Let's test the endpoint with an example question

In [6]:
# load the test data

import json
test_data = []
with open("data/prepared_data/prepared_data_test.jsonl", "r") as f:
    for line in f:
        test_data.append(json.loads(line))
    

inference_template = "[INST] You are a Banking Regulations expert.\nGiven this context\nCONTEXT\n{context}\n Answer this question\nQuestion: {question} [/INST]"

In [7]:
# invoke the endpoint with a sample question
idx = 125
context = test_data[idx]["context"]
question = test_data[idx]["question"]
answer = test_data[idx]["answer"]

prompt = inference_template.format(context=context, question=question)

response = predictor.predict(
    {"inputs": prompt, "parameters": {"max_new_tokens":256, "do_sample":False, "temperature":0}}
)

In [8]:
print("Question: ", question)
print("\nGenerated Answer: ", response["generated_text"])
print("\nGround Truth Answer: ", answer)

Question:  What is the impact of co-branding in the marketing of private education loans, and what disclosure is required to avoid implying endorsement by the covered educational institution?

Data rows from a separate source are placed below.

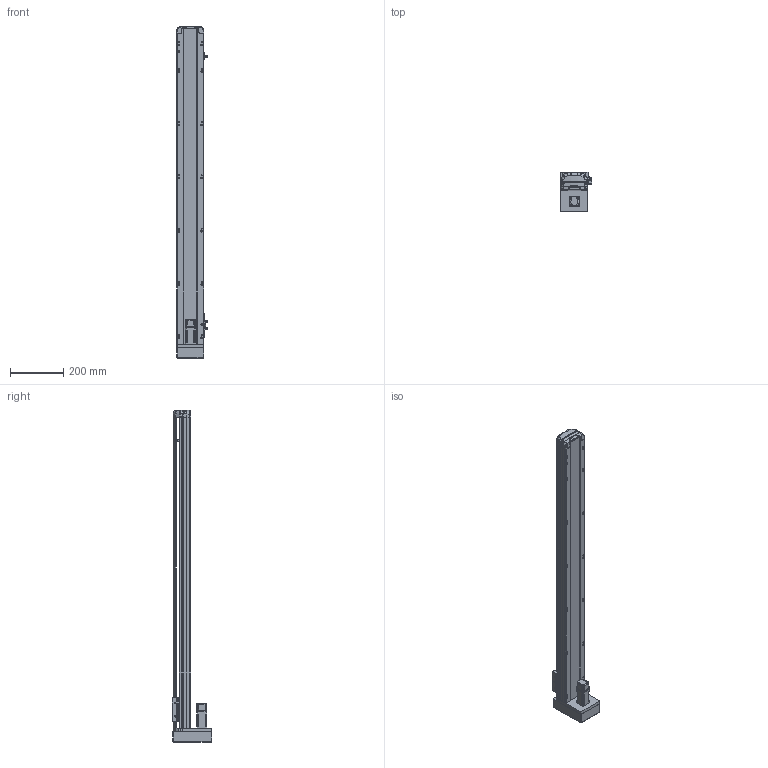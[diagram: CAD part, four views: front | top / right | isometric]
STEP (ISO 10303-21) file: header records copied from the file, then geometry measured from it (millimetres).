
FILE_DESCRIPTION (( 'STEP AP214' ), '1' );
FILE_NAME ('RTH10-XX-1000-M-M10-C4.STEP', '2025-10-25T05:48:42', ( 'Microsoft' ), ( 'Microsoft' ), 'SwSTEP 2.0', 'SolidWorks 2018', '' );
FILE_SCHEMA (( 'AUTOMOTIVE_DESIGN' ));
Length unit declared in the file: millimetre
Products named in the file (10): N_RTH12-M-008-萇儂啣^RTH10-XX-100-M-M10-C4; N_RTH12-GY-001P^RTH10-XX-100-M-M10-C4; N_OMRON EE-SX672 传感器^RTH10-XX-100-M-M10-C4; N_RTH12-M-007P-奻裔^RTH10-XX-100-M-M10-C4; N_RTH12-M-011P-臏倰第菁釱^RTH10-XX-100-M-M10-C4; N_RTH12-GY-004-賑釱^RTH10-XX-100-M-M10-C4; N_P10^RTH10-XX-100-M-M10-C4; N_RTH12-M-018-裔赽^RTH10-XX-100-M-M10-C4; N_RTH13-L-012覜茼え俋离^RTH10-XX-100-M-M10-C4; RTH10-XX-1000-M-M10-C4
Assembly tree (11 placements, depth 2):
  RTH10-XX-1000-M-M10-C4
    N_RTH12-M-011P-臏倰第菁釱^RTH10-XX-100-M-M10-C4
    N_RTH13-L-012覜茼え俋离^RTH10-XX-100-M-M10-C4
    N_OMRON EE-SX672 传感器^RTH10-XX-100-M-M10-C4  x3
    N_P10^RTH10-XX-100-M-M10-C4
    N_RTH12-M-007P-奻裔^RTH10-XX-100-M-M10-C4
    N_RTH12-M-008-萇儂啣^RTH10-XX-100-M-M10-C4
    N_RTH12-M-018-裔赽^RTH10-XX-100-M-M10-C4
    N_RTH12-GY-004-賑釱^RTH10-XX-100-M-M10-C4
    N_RTH12-GY-001P^RTH10-XX-100-M-M10-C4
Bounding box: 116.5 x 149 x 1247.31 mm (x, y, z)
Volume: 5408864.4 mm3; surface area: 807678.9 mm2
Topology: 10 solids, 12 shells, 1973 faces, 5527 edges, 3627 vertices
Faces by surface type: plane 963, cylinder 503, bspline 472, cone 29, sphere 4, torus 2
Entity records: 59831 total; most frequent: CARTESIAN_POINT 23607, ORIENTED_EDGE 8126, DIRECTION 6285, EDGE_CURVE 4069, VERTEX_POINT 2671, LINE 2123, VECTOR 2123, AXIS2_PLACEMENT_3D 2081

Generated Answer:   Co-branding in the marketing of private education loans can imply endorsement by the covered educational institution, which is prohibited unless the marketing includes a clear and conspicuous disclosure that the covered educational institution does not endorse the creditor's loans and that the creditor is not affiliated with the covered educational institution (§ 226.48(a)(1)). 

Ground Truth Answer:  Co-branding in the marketing of private education loans implies endorsement by the covered educational institution. To avoid implying endorsement, the creditor's marketing must include a clear and conspicuous disclosure that is equally prominent and closely proximate to the reference to the covered educational institution, stating that the covered educational institution does not

In [9]:
# save the endpoint name to a file so we can use it in the next notebook

with open("endpoint_config.json", "w") as f:
    f.write(json.dumps({"endpoint_name": endpoint_name}))

### Conclusion
In this notebook, we deployed a fine-tuned model to a SageMaker endpoint using the Large Model Inference container. In the next notebook, we will incorporate the endpoint into our RAG pipeline.